--- DATASET ENTRIES ---

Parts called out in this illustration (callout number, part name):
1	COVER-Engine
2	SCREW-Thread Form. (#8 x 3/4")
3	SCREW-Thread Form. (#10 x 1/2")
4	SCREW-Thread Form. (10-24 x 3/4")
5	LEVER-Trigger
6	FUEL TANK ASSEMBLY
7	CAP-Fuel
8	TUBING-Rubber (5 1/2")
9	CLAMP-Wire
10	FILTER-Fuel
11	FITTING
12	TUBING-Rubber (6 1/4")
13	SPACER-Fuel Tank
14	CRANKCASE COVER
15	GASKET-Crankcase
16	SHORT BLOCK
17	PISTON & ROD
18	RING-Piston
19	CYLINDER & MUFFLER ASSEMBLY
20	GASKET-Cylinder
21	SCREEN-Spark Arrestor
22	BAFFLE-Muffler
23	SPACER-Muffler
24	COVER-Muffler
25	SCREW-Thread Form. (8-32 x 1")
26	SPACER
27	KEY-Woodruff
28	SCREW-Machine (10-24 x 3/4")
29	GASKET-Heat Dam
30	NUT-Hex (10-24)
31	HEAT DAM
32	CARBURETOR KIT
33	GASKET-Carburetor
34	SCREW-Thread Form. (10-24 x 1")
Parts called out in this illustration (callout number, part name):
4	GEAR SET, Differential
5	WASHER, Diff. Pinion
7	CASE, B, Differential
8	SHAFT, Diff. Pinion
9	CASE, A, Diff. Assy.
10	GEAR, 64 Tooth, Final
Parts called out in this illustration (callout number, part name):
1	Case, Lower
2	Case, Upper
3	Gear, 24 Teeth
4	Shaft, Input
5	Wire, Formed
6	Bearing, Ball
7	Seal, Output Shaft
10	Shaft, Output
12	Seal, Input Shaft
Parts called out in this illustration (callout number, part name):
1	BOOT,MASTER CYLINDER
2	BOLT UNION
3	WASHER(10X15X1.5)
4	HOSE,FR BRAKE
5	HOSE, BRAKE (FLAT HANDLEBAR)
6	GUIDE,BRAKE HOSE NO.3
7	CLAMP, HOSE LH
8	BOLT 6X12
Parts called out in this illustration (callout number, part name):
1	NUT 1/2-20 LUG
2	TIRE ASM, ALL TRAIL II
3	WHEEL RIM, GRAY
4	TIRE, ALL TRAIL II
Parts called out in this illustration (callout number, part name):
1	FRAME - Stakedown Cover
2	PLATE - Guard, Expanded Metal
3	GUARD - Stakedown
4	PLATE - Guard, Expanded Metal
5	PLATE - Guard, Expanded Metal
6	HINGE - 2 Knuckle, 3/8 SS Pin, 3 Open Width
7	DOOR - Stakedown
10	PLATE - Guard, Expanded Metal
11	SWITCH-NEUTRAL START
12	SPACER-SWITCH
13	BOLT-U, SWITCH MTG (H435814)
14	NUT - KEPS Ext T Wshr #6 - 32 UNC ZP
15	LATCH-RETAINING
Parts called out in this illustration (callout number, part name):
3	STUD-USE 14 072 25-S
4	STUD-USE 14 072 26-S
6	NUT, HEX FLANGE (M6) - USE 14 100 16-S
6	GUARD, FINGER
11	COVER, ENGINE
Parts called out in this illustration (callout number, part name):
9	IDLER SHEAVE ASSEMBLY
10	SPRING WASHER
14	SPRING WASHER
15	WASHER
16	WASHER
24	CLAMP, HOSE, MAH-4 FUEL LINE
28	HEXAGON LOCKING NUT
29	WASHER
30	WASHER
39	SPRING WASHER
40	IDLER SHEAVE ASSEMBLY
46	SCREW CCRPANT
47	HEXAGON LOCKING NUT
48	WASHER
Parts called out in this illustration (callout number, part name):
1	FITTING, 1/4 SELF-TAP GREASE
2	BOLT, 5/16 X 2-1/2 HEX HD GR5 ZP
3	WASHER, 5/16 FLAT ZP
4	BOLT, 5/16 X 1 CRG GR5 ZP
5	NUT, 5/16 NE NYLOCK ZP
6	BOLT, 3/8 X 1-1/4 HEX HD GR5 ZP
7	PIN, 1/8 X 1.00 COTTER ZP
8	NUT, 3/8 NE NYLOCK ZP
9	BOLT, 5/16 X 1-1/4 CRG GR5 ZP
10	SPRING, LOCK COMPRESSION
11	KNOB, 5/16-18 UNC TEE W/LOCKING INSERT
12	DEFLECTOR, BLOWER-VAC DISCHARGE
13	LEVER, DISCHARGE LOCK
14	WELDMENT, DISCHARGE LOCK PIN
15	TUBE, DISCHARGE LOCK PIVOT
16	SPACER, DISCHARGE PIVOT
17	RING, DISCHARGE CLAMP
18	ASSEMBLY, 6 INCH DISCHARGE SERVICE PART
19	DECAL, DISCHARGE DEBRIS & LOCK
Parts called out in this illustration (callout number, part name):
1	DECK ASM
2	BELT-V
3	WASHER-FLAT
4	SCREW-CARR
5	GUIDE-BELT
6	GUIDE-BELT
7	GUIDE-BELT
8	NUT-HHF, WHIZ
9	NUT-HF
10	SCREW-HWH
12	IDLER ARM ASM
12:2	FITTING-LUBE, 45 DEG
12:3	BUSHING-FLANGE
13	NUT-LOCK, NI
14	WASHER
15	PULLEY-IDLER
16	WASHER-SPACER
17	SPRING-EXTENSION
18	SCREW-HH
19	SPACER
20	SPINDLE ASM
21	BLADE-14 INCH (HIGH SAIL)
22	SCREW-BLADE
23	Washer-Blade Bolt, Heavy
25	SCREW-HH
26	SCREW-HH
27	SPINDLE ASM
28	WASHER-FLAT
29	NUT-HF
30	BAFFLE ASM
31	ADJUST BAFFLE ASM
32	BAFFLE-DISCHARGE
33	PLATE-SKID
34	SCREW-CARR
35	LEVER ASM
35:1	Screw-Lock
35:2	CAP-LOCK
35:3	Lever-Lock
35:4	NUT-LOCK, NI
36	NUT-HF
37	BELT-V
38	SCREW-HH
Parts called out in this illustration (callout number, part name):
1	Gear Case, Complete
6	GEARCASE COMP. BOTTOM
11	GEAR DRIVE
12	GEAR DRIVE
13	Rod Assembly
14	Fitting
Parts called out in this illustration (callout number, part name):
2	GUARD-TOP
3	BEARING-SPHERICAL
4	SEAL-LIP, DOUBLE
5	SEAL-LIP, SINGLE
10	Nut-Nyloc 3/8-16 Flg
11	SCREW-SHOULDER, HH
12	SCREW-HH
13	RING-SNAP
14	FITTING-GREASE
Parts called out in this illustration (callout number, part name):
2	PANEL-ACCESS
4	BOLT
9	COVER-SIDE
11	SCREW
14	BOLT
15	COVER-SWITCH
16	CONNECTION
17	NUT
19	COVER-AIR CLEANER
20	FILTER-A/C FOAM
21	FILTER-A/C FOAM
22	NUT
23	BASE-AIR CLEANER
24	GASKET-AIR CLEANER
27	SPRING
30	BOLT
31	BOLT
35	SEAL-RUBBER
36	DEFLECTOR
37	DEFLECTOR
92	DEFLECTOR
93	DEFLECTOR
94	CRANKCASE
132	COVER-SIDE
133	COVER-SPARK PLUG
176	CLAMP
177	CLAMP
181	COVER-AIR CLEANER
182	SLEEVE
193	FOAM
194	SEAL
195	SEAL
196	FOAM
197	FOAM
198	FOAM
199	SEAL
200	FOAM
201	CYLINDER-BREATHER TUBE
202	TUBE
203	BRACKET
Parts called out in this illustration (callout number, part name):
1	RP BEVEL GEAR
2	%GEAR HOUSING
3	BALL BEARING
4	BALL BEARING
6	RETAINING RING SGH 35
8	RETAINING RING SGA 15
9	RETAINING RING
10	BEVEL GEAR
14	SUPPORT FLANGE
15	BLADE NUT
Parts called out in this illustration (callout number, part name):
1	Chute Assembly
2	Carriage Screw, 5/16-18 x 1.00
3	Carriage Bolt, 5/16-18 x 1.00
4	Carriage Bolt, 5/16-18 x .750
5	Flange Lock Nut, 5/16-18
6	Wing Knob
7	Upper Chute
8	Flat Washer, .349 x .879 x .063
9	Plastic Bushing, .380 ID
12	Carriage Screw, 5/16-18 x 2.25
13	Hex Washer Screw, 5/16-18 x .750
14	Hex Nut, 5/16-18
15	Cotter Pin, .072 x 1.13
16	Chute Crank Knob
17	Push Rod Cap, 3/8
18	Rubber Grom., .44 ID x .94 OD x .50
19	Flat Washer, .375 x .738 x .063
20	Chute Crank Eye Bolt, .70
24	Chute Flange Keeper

---

ASSIGNMENT »
Find every line in the records that uses the string "CLAMP", then copy it.

ANSWER SPACE »
9	CLAMP-Wire
7	CLAMP, HOSE LH
24	CLAMP, HOSE, MAH-4 FUEL LINE
17	RING, DISCHARGE CLAMP
176	CLAMP
177	CLAMP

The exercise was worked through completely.